# AHI POKE YUMMY



## onarock (Jun 25, 2011)

Has anyone had Ahi Poke (aw-he)(poh-kay)? diced, raw yellow fin tuna, sesame oil, minced Maui sweet onion, green onion, red pepper flake, limu (lee-moo) or seaweed and corse Hawaiian sea salt all mixed together. Its a Hawaiian dish and very popular here and tonights dinner for me. MMMM, MMMM Good.


----------



## dmmj (Jun 25, 2011)

Hmmmm I thought the title was a little dirty  till I saw the food. I went to hawaii about a year ago for a vacation fell in love with the islands and plan to move there one day.


----------



## stells (Jun 25, 2011)

Sorry Paul!!!

That looks yuk... but then this little English girl... likes her fish cooked lol


----------



## ChiKat (Jun 26, 2011)

Very interesting  Is it sold pre-made?


----------



## DesertGrandma (Jun 26, 2011)

Had my first sushi in Hawaiii years ago and love it. Not all the raw stuff, but the shrimp tuna and salmon are delicious. Didn't know that ahi is yellow fin tuna. Not always sure about the freshness here so usually go with the cooked sushi (California Roll). It is always so pretty the way it is prepared. Love the seaweed wraps.


----------



## onarock (Jun 26, 2011)

Sometimes we make it ourself. The local grocery store Foodland makes the best and all kinds. Shoyu Ahi Poke, Ahi Poke Hawaiian style, Wasabi Ahi Poke, Ahi Poke with Ogo, Muscle Poke, Tako Poke (octopus), Tako Kimchee Poke, Salmon Poke, Crab Poke on and on. its all very good. Now I'm hungry



ChiKat said:


> Very interesting  Is it sold pre-made?


----------



## John (Jun 26, 2011)

that looks like something my cat puked up! can ya send me some, I want to taste it.


----------



## onarock (Jun 26, 2011)

Thanks Bozo. They dont sell that at WaWa or whatever its called? 



squamata said:


> that looks like something my cat puked up! can ya send me some, I want to taste it.


----------



## John (Jun 26, 2011)

hahahahahahaha Bozo.........priceless!


----------



## LeroyLeft (Jun 26, 2011)

Lived in oahu as very small child ,went back in 94 to maui and oahu,99 back to maui and kauai, 2002 on a cruise to oahu ,the big lsland ,maui and kauai , heck i would try it.


----------



## October (Jun 26, 2011)

It looks gross, but the ingredients sound good!

I've never had actual Sushi, I much prefer a slab of medium rare prime rib on the nights we go out, but I do love raw Ahi that's seared on the outside.


----------



## onarock (Jun 26, 2011)

not much different actually.

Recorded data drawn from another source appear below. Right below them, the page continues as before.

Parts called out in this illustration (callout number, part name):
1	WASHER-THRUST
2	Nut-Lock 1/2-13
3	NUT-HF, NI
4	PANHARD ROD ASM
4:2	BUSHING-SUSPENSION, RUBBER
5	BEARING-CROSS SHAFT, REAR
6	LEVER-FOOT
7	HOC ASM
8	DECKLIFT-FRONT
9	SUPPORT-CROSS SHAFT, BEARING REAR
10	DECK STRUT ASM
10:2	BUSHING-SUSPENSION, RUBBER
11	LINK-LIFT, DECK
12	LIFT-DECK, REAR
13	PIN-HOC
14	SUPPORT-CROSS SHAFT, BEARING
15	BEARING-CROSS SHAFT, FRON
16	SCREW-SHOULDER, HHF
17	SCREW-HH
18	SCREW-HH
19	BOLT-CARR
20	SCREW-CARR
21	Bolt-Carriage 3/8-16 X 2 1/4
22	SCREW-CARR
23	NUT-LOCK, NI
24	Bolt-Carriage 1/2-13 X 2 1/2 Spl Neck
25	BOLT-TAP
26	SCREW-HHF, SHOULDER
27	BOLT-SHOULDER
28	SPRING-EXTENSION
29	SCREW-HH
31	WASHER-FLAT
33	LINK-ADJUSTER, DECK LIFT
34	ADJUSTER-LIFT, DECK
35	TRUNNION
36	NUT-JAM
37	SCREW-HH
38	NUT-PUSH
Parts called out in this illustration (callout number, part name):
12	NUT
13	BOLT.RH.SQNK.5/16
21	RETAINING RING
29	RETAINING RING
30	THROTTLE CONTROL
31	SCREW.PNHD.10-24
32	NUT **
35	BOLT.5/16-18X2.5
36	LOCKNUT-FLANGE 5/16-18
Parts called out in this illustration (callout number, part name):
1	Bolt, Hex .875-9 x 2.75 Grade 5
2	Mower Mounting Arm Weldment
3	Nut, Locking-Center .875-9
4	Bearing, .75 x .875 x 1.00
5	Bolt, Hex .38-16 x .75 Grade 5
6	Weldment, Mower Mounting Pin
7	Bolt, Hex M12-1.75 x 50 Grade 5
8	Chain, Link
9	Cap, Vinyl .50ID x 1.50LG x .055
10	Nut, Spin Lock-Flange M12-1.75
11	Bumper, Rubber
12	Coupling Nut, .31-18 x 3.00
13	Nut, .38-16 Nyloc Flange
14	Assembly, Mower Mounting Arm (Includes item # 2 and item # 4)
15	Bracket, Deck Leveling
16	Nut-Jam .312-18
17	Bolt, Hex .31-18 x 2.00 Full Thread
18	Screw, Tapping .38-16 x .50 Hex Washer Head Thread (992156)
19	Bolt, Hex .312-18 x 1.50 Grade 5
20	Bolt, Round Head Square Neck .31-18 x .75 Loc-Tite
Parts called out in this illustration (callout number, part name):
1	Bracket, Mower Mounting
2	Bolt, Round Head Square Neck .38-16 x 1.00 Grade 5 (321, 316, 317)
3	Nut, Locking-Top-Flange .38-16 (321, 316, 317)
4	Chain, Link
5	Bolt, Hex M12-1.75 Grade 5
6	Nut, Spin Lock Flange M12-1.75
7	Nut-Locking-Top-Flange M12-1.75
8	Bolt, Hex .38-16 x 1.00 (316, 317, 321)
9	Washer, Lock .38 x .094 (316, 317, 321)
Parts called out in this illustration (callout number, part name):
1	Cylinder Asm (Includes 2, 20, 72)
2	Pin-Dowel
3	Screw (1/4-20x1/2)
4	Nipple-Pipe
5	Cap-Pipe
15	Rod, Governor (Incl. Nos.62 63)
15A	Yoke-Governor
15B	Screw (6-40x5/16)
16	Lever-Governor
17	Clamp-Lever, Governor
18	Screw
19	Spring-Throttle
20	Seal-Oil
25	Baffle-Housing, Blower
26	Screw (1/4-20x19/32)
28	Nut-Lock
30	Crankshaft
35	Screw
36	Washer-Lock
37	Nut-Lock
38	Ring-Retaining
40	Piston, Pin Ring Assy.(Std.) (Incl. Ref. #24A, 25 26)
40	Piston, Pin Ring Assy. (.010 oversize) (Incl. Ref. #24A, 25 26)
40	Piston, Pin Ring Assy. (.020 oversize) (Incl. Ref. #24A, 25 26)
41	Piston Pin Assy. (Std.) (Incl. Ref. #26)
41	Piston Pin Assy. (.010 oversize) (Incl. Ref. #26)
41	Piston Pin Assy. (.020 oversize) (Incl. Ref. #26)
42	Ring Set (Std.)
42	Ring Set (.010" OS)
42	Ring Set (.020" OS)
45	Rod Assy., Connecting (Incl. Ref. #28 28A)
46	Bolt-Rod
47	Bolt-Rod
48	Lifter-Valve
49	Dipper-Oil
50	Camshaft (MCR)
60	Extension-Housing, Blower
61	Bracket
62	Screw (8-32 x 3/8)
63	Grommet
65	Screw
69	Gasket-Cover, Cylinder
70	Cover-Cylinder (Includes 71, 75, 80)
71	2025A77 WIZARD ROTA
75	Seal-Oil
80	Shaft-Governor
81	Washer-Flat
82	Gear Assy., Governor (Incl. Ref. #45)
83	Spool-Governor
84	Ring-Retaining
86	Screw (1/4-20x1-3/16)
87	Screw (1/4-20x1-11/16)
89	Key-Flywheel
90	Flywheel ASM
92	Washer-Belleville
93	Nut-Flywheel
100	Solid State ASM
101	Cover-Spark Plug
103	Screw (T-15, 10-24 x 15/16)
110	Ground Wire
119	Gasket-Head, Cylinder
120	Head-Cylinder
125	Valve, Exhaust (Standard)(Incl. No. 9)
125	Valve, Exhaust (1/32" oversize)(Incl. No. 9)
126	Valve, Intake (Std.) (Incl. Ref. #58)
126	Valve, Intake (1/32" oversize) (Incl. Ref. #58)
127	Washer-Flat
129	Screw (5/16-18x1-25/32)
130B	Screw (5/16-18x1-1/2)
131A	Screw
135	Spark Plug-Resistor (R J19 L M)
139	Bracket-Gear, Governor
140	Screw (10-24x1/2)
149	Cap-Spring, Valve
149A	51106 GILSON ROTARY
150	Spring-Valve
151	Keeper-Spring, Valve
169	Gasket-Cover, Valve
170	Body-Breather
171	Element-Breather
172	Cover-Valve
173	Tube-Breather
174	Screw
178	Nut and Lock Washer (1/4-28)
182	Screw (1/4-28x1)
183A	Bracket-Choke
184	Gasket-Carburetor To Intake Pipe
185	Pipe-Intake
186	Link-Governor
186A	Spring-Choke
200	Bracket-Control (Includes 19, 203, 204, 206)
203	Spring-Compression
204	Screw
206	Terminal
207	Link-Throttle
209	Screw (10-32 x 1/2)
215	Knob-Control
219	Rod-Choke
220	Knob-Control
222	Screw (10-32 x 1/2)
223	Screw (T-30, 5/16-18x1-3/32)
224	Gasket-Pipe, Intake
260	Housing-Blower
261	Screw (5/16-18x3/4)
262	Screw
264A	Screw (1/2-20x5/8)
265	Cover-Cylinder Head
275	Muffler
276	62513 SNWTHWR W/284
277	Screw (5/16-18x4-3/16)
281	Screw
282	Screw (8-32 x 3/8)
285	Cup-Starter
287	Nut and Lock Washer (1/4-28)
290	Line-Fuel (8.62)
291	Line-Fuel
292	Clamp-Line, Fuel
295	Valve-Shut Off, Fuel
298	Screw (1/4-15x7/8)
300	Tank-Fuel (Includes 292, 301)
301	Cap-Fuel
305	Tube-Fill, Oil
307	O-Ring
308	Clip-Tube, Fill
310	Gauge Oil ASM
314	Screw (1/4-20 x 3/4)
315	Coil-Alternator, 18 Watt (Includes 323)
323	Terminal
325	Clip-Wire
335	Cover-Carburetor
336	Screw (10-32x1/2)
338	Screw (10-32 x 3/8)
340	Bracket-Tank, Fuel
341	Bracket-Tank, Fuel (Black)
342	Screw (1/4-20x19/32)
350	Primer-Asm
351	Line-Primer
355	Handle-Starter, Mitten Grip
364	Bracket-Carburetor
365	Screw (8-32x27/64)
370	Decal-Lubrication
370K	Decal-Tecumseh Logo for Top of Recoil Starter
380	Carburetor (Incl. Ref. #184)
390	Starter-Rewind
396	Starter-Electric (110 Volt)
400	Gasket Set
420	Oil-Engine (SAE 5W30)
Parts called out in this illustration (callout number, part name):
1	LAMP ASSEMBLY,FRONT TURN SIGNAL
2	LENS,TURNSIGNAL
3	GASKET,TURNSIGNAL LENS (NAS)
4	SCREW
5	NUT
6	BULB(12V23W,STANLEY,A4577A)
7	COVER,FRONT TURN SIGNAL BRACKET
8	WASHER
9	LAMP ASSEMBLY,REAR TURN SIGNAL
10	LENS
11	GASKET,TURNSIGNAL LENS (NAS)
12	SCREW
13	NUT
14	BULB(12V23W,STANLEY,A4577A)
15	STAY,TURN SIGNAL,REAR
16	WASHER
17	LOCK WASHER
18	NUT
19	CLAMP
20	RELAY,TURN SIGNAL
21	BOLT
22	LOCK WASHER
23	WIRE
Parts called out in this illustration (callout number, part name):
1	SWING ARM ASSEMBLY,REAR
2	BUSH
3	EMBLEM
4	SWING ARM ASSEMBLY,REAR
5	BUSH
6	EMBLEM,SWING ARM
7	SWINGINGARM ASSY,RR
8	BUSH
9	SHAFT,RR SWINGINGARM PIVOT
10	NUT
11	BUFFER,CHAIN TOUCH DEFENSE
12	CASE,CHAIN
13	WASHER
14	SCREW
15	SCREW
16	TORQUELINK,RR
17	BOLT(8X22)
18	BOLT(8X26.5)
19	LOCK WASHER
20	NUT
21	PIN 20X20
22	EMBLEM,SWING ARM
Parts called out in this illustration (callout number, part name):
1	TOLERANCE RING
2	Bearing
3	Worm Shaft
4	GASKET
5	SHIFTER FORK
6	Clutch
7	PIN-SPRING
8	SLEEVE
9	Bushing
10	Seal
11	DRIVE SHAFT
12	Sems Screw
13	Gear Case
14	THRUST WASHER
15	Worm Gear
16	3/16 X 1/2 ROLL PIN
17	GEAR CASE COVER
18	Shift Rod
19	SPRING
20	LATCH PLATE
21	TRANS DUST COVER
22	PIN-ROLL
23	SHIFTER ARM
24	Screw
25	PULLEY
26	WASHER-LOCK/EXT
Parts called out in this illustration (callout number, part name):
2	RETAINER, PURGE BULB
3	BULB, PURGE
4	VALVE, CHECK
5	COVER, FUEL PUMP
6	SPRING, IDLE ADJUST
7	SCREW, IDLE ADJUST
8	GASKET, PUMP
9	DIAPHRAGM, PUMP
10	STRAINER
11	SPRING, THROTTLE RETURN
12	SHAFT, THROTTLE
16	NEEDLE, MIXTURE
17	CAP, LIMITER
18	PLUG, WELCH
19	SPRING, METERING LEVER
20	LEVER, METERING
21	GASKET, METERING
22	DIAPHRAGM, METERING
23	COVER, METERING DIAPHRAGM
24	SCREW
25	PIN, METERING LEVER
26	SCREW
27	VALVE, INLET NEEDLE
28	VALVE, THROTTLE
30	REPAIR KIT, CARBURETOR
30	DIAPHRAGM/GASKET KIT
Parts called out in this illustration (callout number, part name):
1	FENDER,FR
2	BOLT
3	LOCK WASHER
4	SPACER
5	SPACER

If you get a chance, try it. You just might like it.



October said:


> It looks gross, but the ingredients sound good!
> 
> I've never had actual Sushi, I much prefer a slab of medium rare prime rib on the nights we go out, but I do love raw Ahi that's seared on the outside.


----------



## stells (Jun 27, 2011)

lol... Bozo.... what have you been feeding your cat!!!



squamata said:


> that looks like something my cat puked up! can ya send me some, I want to taste it.


----------



## egyptiandan (Jun 27, 2011)

Paul you bad bad man  That looks to die for.  I love sushi and sashimi. Going to have to see if I can do that myself, as I've never seen it for sale here.

Danny


----------



## onarock (Jun 27, 2011)

Thanks Danny. I can send you a couple of family recipe's for Poke if you like. Next day Poke in a frying pan for a minute or two over some steamed white rice is also a guilty pleasure.


----------



## John (Jun 28, 2011)

stells said:


> lol... Bozo.... what have you been feeding your cat!!!
> 
> 
> 
> ...


It says it right up there in the title kelly, AHI, that means tuna.
And as for your name calling I have sent a p.m. to the proper authorities ( danny) So prepare to be moderated....LOL


----------



## stells (Jun 28, 2011)

I'm shaking in my boots... 


Bozo!!!


----------



## John (Jun 28, 2011)

stells said:


> I'm shaking in my boots...
> 
> 
> Bozo!!!



LOL


----------



## egyptiandan (Jun 28, 2011)

There you go again  Keep poke-ing me 

I'd love the recipes. I would though have to make a huge batch to have any left to heat it up and have it over rice the next day. 

I'm watching you two 

Danny


----------



## onarock (Jun 28, 2011)

Actually John, Ahi means fire. . The Hawaiians did not have modern fishing line and used thin rope that they made as fishing line. When they hooked a Yellow Fin Tuna (Ahi), it would take off soo fast that the rope rubbing on the gunwale (Nautical term for the top edge of a boat) on the Wa'a (Hawaiian word for canoe, pronounced Vah-ah) sometimes caught fire. Hawaiians would yell Ahi, Ahi and thats how the fish got its name.



squamata said:


> stells said:
> 
> 
> > lol... Bozo.... what have you been feeding your cat!!!
> ...


----------



## Fernando (Jun 28, 2011)

ALMOST looks like orange chicken from the pics. I'm sure it tastes good...I just can't get myself to eat fish!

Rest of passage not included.